(Extracted records)
________
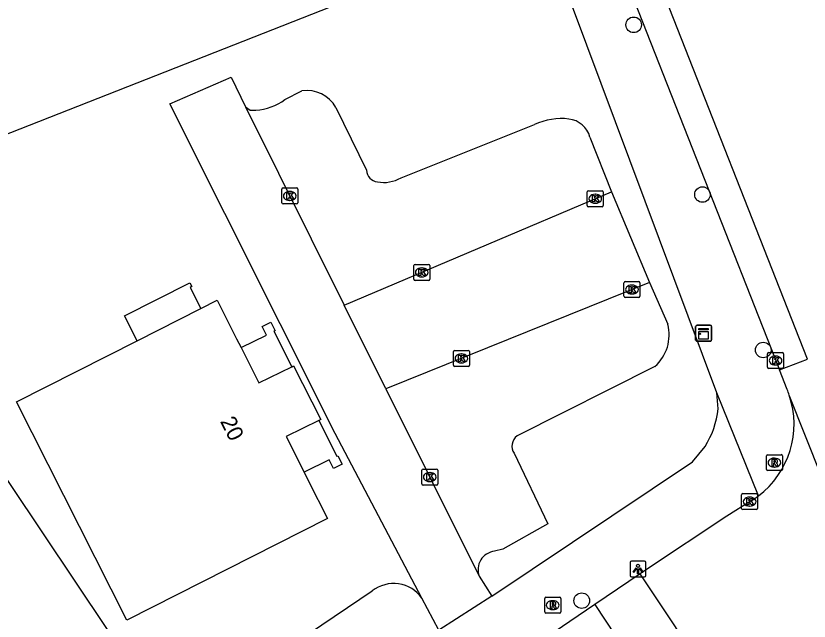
# Model space of a CAD drawing. Extents: x 161087 to 161922, y 382574 to 383873.
# Drawn here: x 161691.15 to 161740.93, y 382709.04 to 382747.01 of the extents above; entities that cross this region are included whole.
import ezdxf

# ---------------------------------------------------------------- set-up
doc = ezdxf.new("R2010")
doc.units = 0
for name, color, linetype in [('IMGEO_Boom', 7, 'Continuous'), ('IMGEO_Kast', 7, 'Continuous'), ('IMGEO_Kolk', 7, 'Continuous'), ('IMGEO_Lichtpunt', 7, 'Continuous'), ('IMGEO_Pand', 7, 'Continuous'), ('IMGEO_Pand_nummerreeks', 7, 'Continuous'), ('IMGEO_Parkeervlak_open', 7, 'Continuous'), ('IMGEO_Rijbaan_lokaal_open', 7, 'Continuous'), ('IMGEO_Rioolput', 7, 'Continuous'), ('IMGEO_Voetpad_op_trap', 7, 'Continuous'), ('IMGEO_Voetpad_open', 7, 'Continuous')]:
    doc.layers.add(name, color=color, linetype=linetype)

msp = doc.modelspace()

# ---------------------------------------------------------------- linework, layer by layer
at = {"layer": 'IMGEO_Boom'}
for centre in [(161729.923, 382746.451), (161734.24, 382735.804), (161738.053, 382726.048), (161726.662, 382710.319)]:
    msp.add_circle(centre, 0.489, dxfattribs=at)
at = {"layer": 'IMGEO_Kast'}
for p, q in [((161733.813, 382726.675), (161733.813, 382727.516)), ((161733.813, 382727.516), (161733.813, 382726.675)), ((161733.888, 382727.6), (161734.729, 382727.6)), ((161734.729, 382727.6), (161733.888, 382727.6)), ((161734.813, 382727.525), (161734.813, 382726.684)), ((161734.813, 382726.684), (161734.813, 382727.525)), ((161734.738, 382726.6), (161733.897, 382726.6)), ((161733.897, 382726.6), (161734.738, 382726.6))]:
    msp.add_line(p, q, dxfattribs=at)
for points in [[(161734.008, 382727.39), (161734.608, 382727.39), (161734.608, 382727.305), (161734.008, 382727.305), (161734.008, 382727.39)], [(161734.008, 382727.215), (161734.608, 382727.215), (161734.608, 382726.726), (161734.008, 382726.726), (161734.008, 382727.215)]]:
    msp.add_lwpolyline(points, dxfattribs=at)
msp.add_circle((161734.092, 382727.064), 0.0377, dxfattribs=at)
for centre, start, end in [((161733.891, 382727.522), 92.4484, 184.2845), ((161733.891, 382727.522), 92.4484, 184.2845), ((161734.735, 382727.522), 2.4484, 94.2845), ((161734.735, 382727.522), 2.4484, 94.2845), ((161733.891, 382726.678), 182.4484, 274.2845), ((161733.891, 382726.678), 182.4484, 274.2845), ((161734.735, 382726.678), 272.4484, 4.2845), ((161734.735, 382726.678), 272.4484, 4.2845)]:
    msp.add_arc(centre, 0.0779, start, end, dxfattribs=at)
at = {"layer": 'IMGEO_Kolk'}
for p, q in [((161707.915, 382736.214), (161708.767, 382736.214)), ((161707.84, 382735.288), (161707.84, 382736.14)), ((161708.328, 382735.994), (161708.353, 382735.994)), ((161708.841, 382736.14), (161708.841, 382735.288)), ((161727.01, 382735.111), (161727.01, 382735.963)), ((161727.085, 382736.037), (161727.937, 382736.037)), ((161727.498, 382735.817), (161727.523, 382735.817)), ((161728.011, 382735.963), (161728.011, 382735.111)), ((161708.767, 382735.214), (161707.915, 382735.214)), ((161708.351, 382735.434), (161708.326, 382735.434)), ((161727.521, 382735.257), (161727.496, 382735.257)), ((161727.937, 382735.037), (161727.085, 382735.037)), ((161716.125, 382730.492), (161716.125, 382731.344)), ((161716.2, 382731.418), (161717.052, 382731.418)), ((161716.613, 382731.198), (161716.638, 382731.198)), ((161717.126, 382731.344), (161717.126, 382730.492)), ((161717.052, 382730.418), (161716.2, 382730.418)), ((161716.636, 382730.638), (161716.611, 382730.638)), ((161729.315, 382729.417), (161729.315, 382730.269)), ((161729.39, 382730.343), (161730.242, 382730.343)), ((161730.316, 382730.269), (161730.316, 382729.417)), ((161729.803, 382730.123), (161729.828, 382730.123)), ((161730.242, 382729.343), (161729.39, 382729.343)), ((161729.826, 382729.563), (161729.801, 382729.563)), ((161718.61, 382725.093), (161718.61, 382725.945)), ((161718.685, 382726.019), (161719.537, 382726.019)), ((161719.098, 382725.799), (161719.123, 382725.799)), ((161719.611, 382725.945), (161719.611, 382725.093)), ((161738.328, 382724.961), (161738.328, 382725.813)), ((161738.403, 382725.887), (161739.255, 382725.887)), ((161739.329, 382725.813), (161739.329, 382724.961)), ((161719.121, 382725.239), (161719.096, 382725.239)), ((161738.816, 382725.667), (161738.841, 382725.667)), ((161719.537, 382725.019), (161718.685, 382725.019)), ((161739.255, 382724.887), (161738.403, 382724.887)), ((161738.839, 382725.107), (161738.814, 382725.107)), ((161716.627, 382717.65), (161716.627, 382718.502)), ((161716.702, 382718.576), (161717.554, 382718.576)), ((161717.115, 382718.356), (161717.14, 382718.356)), ((161717.628, 382718.502), (161717.628, 382717.65)), ((161717.138, 382717.796), (161717.113, 382717.796)), ((161717.554, 382717.576), (161716.702, 382717.576)), ((161736.698, 382716.109), (161736.698, 382716.961)), ((161736.773, 382717.035), (161737.625, 382717.035)), ((161737.186, 382716.815), (161737.211, 382716.815)), ((161737.699, 382716.961), (161737.699, 382716.109)), ((161737.209, 382716.255), (161737.184, 382716.255)), ((161737.625, 382716.035), (161736.773, 382716.035))]:
    msp.add_line(p, q, dxfattribs=at)
for points in [[(161707.915, 382736.214), (161708.767, 382736.214)], [(161707.84, 382735.288), (161707.84, 382736.14)], [(161708.161, 382735.914), (161708.284, 382735.914), (161708.284, 382735.763), (161708.414, 382735.914), (161708.578, 382735.914), (161708.432, 382735.763), (161708.585, 382735.514), (161708.433, 382735.514), (161708.348, 382735.678), (161708.284, 382735.611), (161708.284, 382735.514), (161708.161, 382735.514), (161708.161, 382735.914)], [(161708.841, 382736.14), (161708.841, 382735.288)], [(161727.01, 382735.111), (161727.01, 382735.963)], [(161727.085, 382736.037), (161727.937, 382736.037)], [(161727.331, 382735.737), (161727.454, 382735.737), (161727.454, 382735.586), (161727.584, 382735.737), (161727.748, 382735.737), (161727.602, 382735.586), (161727.755, 382735.337), (161727.603, 382735.337), (161727.518, 382735.501), (161727.454, 382735.434), (161727.454, 382735.337), (161727.331, 382735.337), (161727.331, 382735.737)], [(161728.011, 382735.963), (161728.011, 382735.111)], [(161708.767, 382735.214), (161707.915, 382735.214)], [(161727.937, 382735.037), (161727.085, 382735.037)], [(161716.125, 382730.492), (161716.125, 382731.344)], [(161716.2, 382731.418), (161717.052, 382731.418)], [(161717.126, 382731.344), (161717.126, 382730.492)], [(161716.446, 382731.118), (161716.569, 382731.118), (161716.569, 382730.967), (161716.699, 382731.118), (161716.863, 382731.118), (161716.717, 382730.967), (161716.87, 382730.718), (161716.718, 382730.718), (161716.633, 382730.882), (161716.569, 382730.815), (161716.569, 382730.718), (161716.446, 382730.718), (161716.446, 382731.118)], [(161717.052, 382730.418), (161716.2, 382730.418)], [(161729.315, 382729.417), (161729.315, 382730.269)], [(161729.39, 382730.343), (161730.242, 382730.343)], [(161730.316, 382730.269), (161730.316, 382729.417)], [(161729.636, 382730.043), (161729.759, 382730.043), (161729.759, 382729.892), (161729.889, 382730.043), (161730.053, 382730.043), (161729.907, 382729.892), (161730.06, 382729.643), (161729.908, 382729.643), (161729.823, 382729.807), (161729.759, 382729.74), (161729.759, 382729.643), (161729.636, 382729.643), (161729.636, 382730.043)], [(161730.242, 382729.343), (161729.39, 382729.343)], [(161718.61, 382725.093), (161718.61, 382725.945)], [(161718.685, 382726.019), (161719.537, 382726.019)], [(161718.931, 382725.719), (161719.054, 382725.719), (161719.054, 382725.568), (161719.184, 382725.719), (161719.348, 382725.719), (161719.202, 382725.568), (161719.355, 382725.319), (161719.203, 382725.319), (161719.118, 382725.483), (161719.054, 382725.416), (161719.054, 382725.319), (161718.931, 382725.319), (161718.931, 382725.719)], [(161719.611, 382725.945), (161719.611, 382725.093)], [(161738.328, 382724.961), (161738.328, 382725.813)], [(161738.403, 382725.887), (161739.255, 382725.887)], [(161739.329, 382725.813), (161739.329, 382724.961)], [(161738.649, 382725.587), (161738.772, 382725.587), (161738.772, 382725.436), (161738.902, 382725.587), (161739.066, 382725.587), (161738.92, 382725.436), (161739.073, 382725.187), (161738.921, 382725.187), (161738.836, 382725.351), (161738.772, 382725.284), (161738.772, 382725.187), (161738.649, 382725.187), (161738.649, 382725.587)], [(161719.537, 382725.019), (161718.685, 382725.019)], [(161739.255, 382724.887), (161738.403, 382724.887)], [(161716.627, 382717.65), (161716.627, 382718.502)], [(161716.702, 382718.576), (161717.554, 382718.576)], [(161716.948, 382718.276), (161717.071, 382718.276), (161717.071, 382718.125), (161717.201, 382718.276), (161717.365, 382718.276), (161717.219, 382718.125), (161717.372, 382717.876), (161717.22, 382717.876), (161717.135, 382718.04), (161717.071, 382717.973), (161717.071, 382717.876), (161716.948, 382717.876), (161716.948, 382718.276)], [(161717.628, 382718.502), (161717.628, 382717.65)], [(161717.554, 382717.576), (161716.702, 382717.576)], [(161736.698, 382716.109), (161736.698, 382716.961)], [(161736.773, 382717.035), (161737.625, 382717.035)], [(161737.699, 382716.961), (161737.699, 382716.109)], [(161737.019, 382716.735), (161737.142, 382716.735), (161737.142, 382716.584), (161737.272, 382716.735), (161737.436, 382716.735), (161737.29, 382716.584), (161737.443, 382716.335), (161737.291, 382716.335), (161737.206, 382716.499), (161737.142, 382716.432), (161737.142, 382716.335), (161737.019, 382716.335), (161737.019, 382716.735)], [(161737.625, 382716.035), (161736.773, 382716.035)]]:
    msp.add_lwpolyline(points, dxfattribs=at)
for centre, start, end in [((161707.917, 382736.138), 91.552, 178.448), ((161707.917, 382736.138), 91.552, 178.448), ((161708.765, 382736.138), 1.552, 88.448), ((161708.765, 382736.138), 1.552, 88.448), ((161727.087, 382735.961), 91.552, 178.448), ((161727.087, 382735.961), 91.552, 178.448), ((161727.935, 382735.961), 1.552, 88.448), ((161727.935, 382735.961), 1.552, 88.448), ((161707.917, 382735.29), 181.552, 268.448), ((161707.917, 382735.29), 181.552, 268.448), ((161708.765, 382735.29), 271.552, 358.448), ((161708.765, 382735.29), 271.552, 358.448), ((161727.087, 382735.113), 181.552, 268.448), ((161727.087, 382735.113), 181.552, 268.448), ((161727.935, 382735.113), 271.552, 358.448), ((161727.935, 382735.113), 271.552, 358.448), ((161716.202, 382731.342), 91.552, 178.448), ((161716.202, 382731.342), 91.552, 178.448), ((161717.05, 382731.342), 1.552, 88.448), ((161717.05, 382731.342), 1.552, 88.448), ((161716.202, 382730.494), 181.552, 268.448), ((161716.202, 382730.494), 181.552, 268.448), ((161717.05, 382730.494), 271.552, 358.448), ((161717.05, 382730.494), 271.552, 358.448), ((161729.392, 382730.267), 91.552, 178.448), ((161729.392, 382730.267), 91.552, 178.448), ((161730.24, 382730.267), 1.552, 88.448), ((161730.24, 382730.267), 1.552, 88.448), ((161729.392, 382729.419), 181.552, 268.448), ((161729.392, 382729.419), 181.552, 268.448), ((161730.24, 382729.419), 271.552, 358.448), ((161730.24, 382729.419), 271.552, 358.448), ((161718.687, 382725.943), 91.552, 178.448), ((161718.687, 382725.943), 91.552, 178.448), ((161719.535, 382725.943), 1.552, 88.448), ((161719.535, 382725.943), 1.552, 88.448), ((161738.405, 382725.811), 91.552, 178.448), ((161738.405, 382725.811), 91.552, 178.448), ((161739.253, 382725.811), 1.552, 88.448), ((161739.253, 382725.811), 1.552, 88.448), ((161718.687, 382725.095), 181.552, 268.448), ((161718.687, 382725.095), 181.552, 268.448), ((161719.535, 382725.095), 271.552, 358.448), ((161719.535, 382725.095), 271.552, 358.448), ((161738.405, 382724.963), 181.552, 268.448), ((161738.405, 382724.963), 181.552, 268.448), ((161739.253, 382724.963), 271.552, 358.448), ((161739.253, 382724.963), 271.552, 358.448), ((161716.704, 382718.5), 91.552, 178.448), ((161716.704, 382718.5), 91.552, 178.448), ((161717.552, 382718.5), 1.552, 88.448), ((161717.552, 382718.5), 1.552, 88.448), ((161716.704, 382717.652), 181.552, 268.448), ((161716.704, 382717.652), 181.552, 268.448), ((161717.552, 382717.652), 271.552, 358.448), ((161717.552, 382717.652), 271.552, 358.448), ((161736.775, 382716.959), 91.552, 178.448), ((161736.775, 382716.959), 91.552, 178.448), ((161737.623, 382716.959), 1.552, 88.448), ((161737.623, 382716.959), 1.552, 88.448), ((161736.775, 382716.111), 181.552, 268.448), ((161736.775, 382716.111), 181.552, 268.448), ((161737.623, 382716.111), 271.552, 358.448), ((161737.623, 382716.111), 271.552, 358.448)]:
    msp.add_arc(centre, 0.0765, start, end, dxfattribs=at)
for centre, major_axis, ratio, start_param, end_param in [((161708.327, 382735.714), (-0.387, 0.002), 0.722429, 4.712389, 7.853982), ((161708.352, 382735.714), (-0.39, 0.002), 0.717154, 1.570796, 4.712389), ((161727.497, 382735.537), (-0.387, 0.002), 0.722429, 4.712389, 7.853982), ((161727.522, 382735.537), (-0.39, 0.002), 0.717154, 1.570796, 4.712389), ((161716.612, 382730.918), (-0.387, 0.002), 0.722429, 4.712389, 7.853982), ((161716.637, 382730.918), (-0.39, 0.002), 0.717154, 1.570796, 4.712389), ((161729.802, 382729.843), (-0.387, 0.002), 0.722429, 4.712389, 7.853982), ((161729.827, 382729.843), (-0.39, 0.002), 0.717154, 1.570796, 4.712389), ((161719.097, 382725.519), (-0.387, 0.002), 0.722429, 4.712389, 7.853982), ((161719.122, 382725.519), (-0.39, 0.002), 0.717154, 1.570796, 4.712389), ((161738.815, 382725.387), (-0.387, 0.002), 0.722429, 4.712389, 7.853982), ((161738.84, 382725.387), (-0.39, 0.002), 0.717154, 1.570796, 4.712389), ((161717.114, 382718.076), (-0.387, 0.002), 0.722429, 4.712389, 7.853982), ((161717.139, 382718.076), (-0.39, 0.002), 0.717154, 1.570796, 4.712389), ((161737.185, 382716.535), (-0.387, 0.002), 0.722429, 4.712389, 7.853982), ((161737.21, 382716.535), (-0.39, 0.002), 0.717154, 1.570796, 4.712389)]:
    msp.add_ellipse(centre, major_axis=major_axis, ratio=ratio, start_param=start_param, end_param=end_param, dxfattribs=at)
at = {"layer": 'IMGEO_Lichtpunt'}
for p, q in [((161730.598, 382712.804), (161729.79, 382712.804)), ((161730.598, 382712.804), (161729.79, 382712.804)), ((161729.696, 382712.709), (161729.696, 382711.902)), ((161729.696, 382712.709), (161729.696, 382711.902)), ((161730.692, 382711.902), (161730.692, 382712.709)), ((161730.692, 382711.902), (161730.692, 382712.709)), ((161729.79, 382711.808), (161730.598, 382711.808)), ((161729.79, 382711.808), (161730.598, 382711.808))]:
    msp.add_line(p, q, dxfattribs=at)
for points in [[(161730.07, 382712.373), (161730.109, 382712.345), (161729.921, 382712.083), (161729.883, 382712.11), (161730.07, 382712.373)], [(161730.172, 382712.325), (161730.219, 382712.325), (161730.219, 382712.003), (161730.172, 382712.003), (161730.172, 382712.325)], [(161730.282, 382712.345), (161730.32, 382712.372), (161730.507, 382712.11), (161730.468, 382712.082), (161730.282, 382712.345)]]:
    msp.add_lwpolyline(points, dxfattribs=at)
msp.add_circle((161730.195, 382712.507), 0.0994, dxfattribs=at)
for centre, start, end in [((161729.79, 382712.709), 90, 180), ((161729.79, 382712.709), 90, 180), ((161730.598, 382712.709), 0, 90), ((161730.598, 382712.709), 0, 90), ((161729.79, 382711.902), 180, 270), ((161729.79, 382711.902), 180, 270), ((161730.598, 382711.902), 270, 0), ((161730.598, 382711.902), 270, 360)]:
    msp.add_arc(centre, 0.0946, start, end, dxfattribs=at)
at = {"layer": 'IMGEO_Pand'}
for points in [[(161724.119, 382752.784), (161717.042, 382750), (161681.588, 382736.054), (161680.528, 382738.609), (161673.543, 382741.713), (161674.844, 382744.75), (161674.327, 382746.063), (161678.977, 382747.902), (161684.281, 382750), (161709.293, 382759.894), (161707.998, 382763.215), (161708.322, 382763.343), (161713.734, 382765.484), (161718.383, 382767.322)], [(161702.757, 382728.648), (161703.783, 382729.167), (161705.006, 382726.749), (161705.285, 382726.198)], [(161698.759, 382726.627), (161702.757, 382728.648)], [(161709.236, 382718.381), (161709.52, 382717.82), (161710.707, 382715.472), (161698.109, 382709.102), (161691.184, 382722.797), (161698.759, 382726.627)], [(161705.285, 382726.198), (161706.404, 382723.984), (161708.461, 382724.998)], [(161708.461, 382724.998), (161708.577, 382725.055), (161710.283, 382721.682), (161710.166, 382721.624)], [(161710.166, 382721.624), (161708.109, 382720.611), (161709.236, 382718.381)]]:
    msp.add_lwpolyline(points, dxfattribs=at)
at = {"layer": 'IMGEO_Parkeervlak_open'}
for points in [[(161716.628, 382710.484), (161711.193, 382720.807), (161700.803, 382741.504), (161704.669, 382743.166), (161705.551, 382741.315)], [(161708.038, 382741.762), (161709.101, 382742.314)], [(161705.551, 382741.315), (161705.844, 382741.092), (161706.21, 382741.098)], [(161705.551, 382741.315), (161711.76, 382728.852)], [(161711.235, 382741.262), (161713.156, 382737.323)], [(161715.325, 382736.845), (161723.704, 382740.189)], [(161727.181, 382739.412), (161728.536, 382735.971)], [(161711.76, 382728.852), (161728.536, 382735.971)], [(161728.536, 382735.971), (161730.921, 382730.29)], [(161730.921, 382730.29), (161714.374, 382723.606)], [(161730.921, 382730.29), (161732.058, 382727.66)], [(161714.374, 382723.606), (161711.76, 382728.852)], [(161731.251, 382725.02), (161722.612, 382720.655)], [(161714.374, 382723.606), (161720.227, 382711.859)], [(161722.413, 382719.565), (161724.533, 382715.135), (161721.719, 382713.546), (161721.191, 382713.416)], [(161720.227, 382711.859), (161721.016, 382710.607)]]:
    msp.add_lwpolyline(points, dxfattribs=at)
for centre, radius, start, end in [((161709.384, 382740.198), 2.134, 29.8858, 97.6303), ((161705.972, 382744.602), 3.512, 273.8903, 306.0357), ((161725.383, 382736.686), 3.885, 82.9194, 115.6089), ((161725.668, 382738.979), 1.574, 15.968, 82.9082), ((161713.955, 382737.387), 0.802, 184.5842, 261.4323), ((161714.225, 382738.829), 2.269, 260.1323, 299.0045), ((161729.562, 382726.98), 2.587, 310.7538, 15.2513), ((161723.09, 382720.005), 0.807, 126.3076, 212.9994), ((161721.311, 382712.265), 1.158, 95.9641, 200.5093)]:
    msp.add_arc(centre, radius, start, end, dxfattribs=at)
at = {"layer": 'IMGEO_Rijbaan_lokaal_open'}
for points in [[(161739.064, 382724.796), (161740.835, 382725.464), (161731.19, 382750), (161725.722, 382763.908)], [(161682.663, 382729.735), (161700.929, 382702.454)], [(161739.551, 382723.574), (161739.064, 382724.796)], [(161746.805, 382705.307), (161739.688, 382723.21)], [(161737.293, 382716.577), (161735.771, 382715.63), (161730.733, 382712.274), (161730.322, 382711.996)], [(161730.322, 382711.996), (161727.49, 382710.077)], [(161734.831, 382705.246), (161730.322, 382711.996)], [(161727.49, 382710.077), (161723.893, 382707.64), (161723.499, 382707.38)], [(161727.49, 382710.077), (161731.947, 382703.33)]]:
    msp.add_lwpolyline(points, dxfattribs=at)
________
Search the data above for the word "color" and show every line that has it.

▶ _Output for this exercise_
for name, color, linetype in [('IMGEO_Boom', 7, 'Continuous'), ('IMGEO_Kast', 7, 'Continuous'), ('IMGEO_Kolk', 7, 'Continuous'), ('IMGEO_Lichtpunt', 7, 'Continuous'), ('IMGEO_Pand', 7, 'Continuous'), ('IMGEO_Pand_nummerreeks', 7, 'Continuous'), ('IMGEO_Parkeervlak_open', 7, 'Continuous'), ('IMGEO_Rijbaan_lokaal_open', 7, 'Continuous'), ('IMGEO_Rioolput', 7, 'Continuous'), ('IMGEO_Voetpad_op_trap', 7, 'Continuous'), ('IMGEO_Voetpad_open', 7, 'Continuous')]:
    doc.layers.add(name, color=color, linetype=linetype)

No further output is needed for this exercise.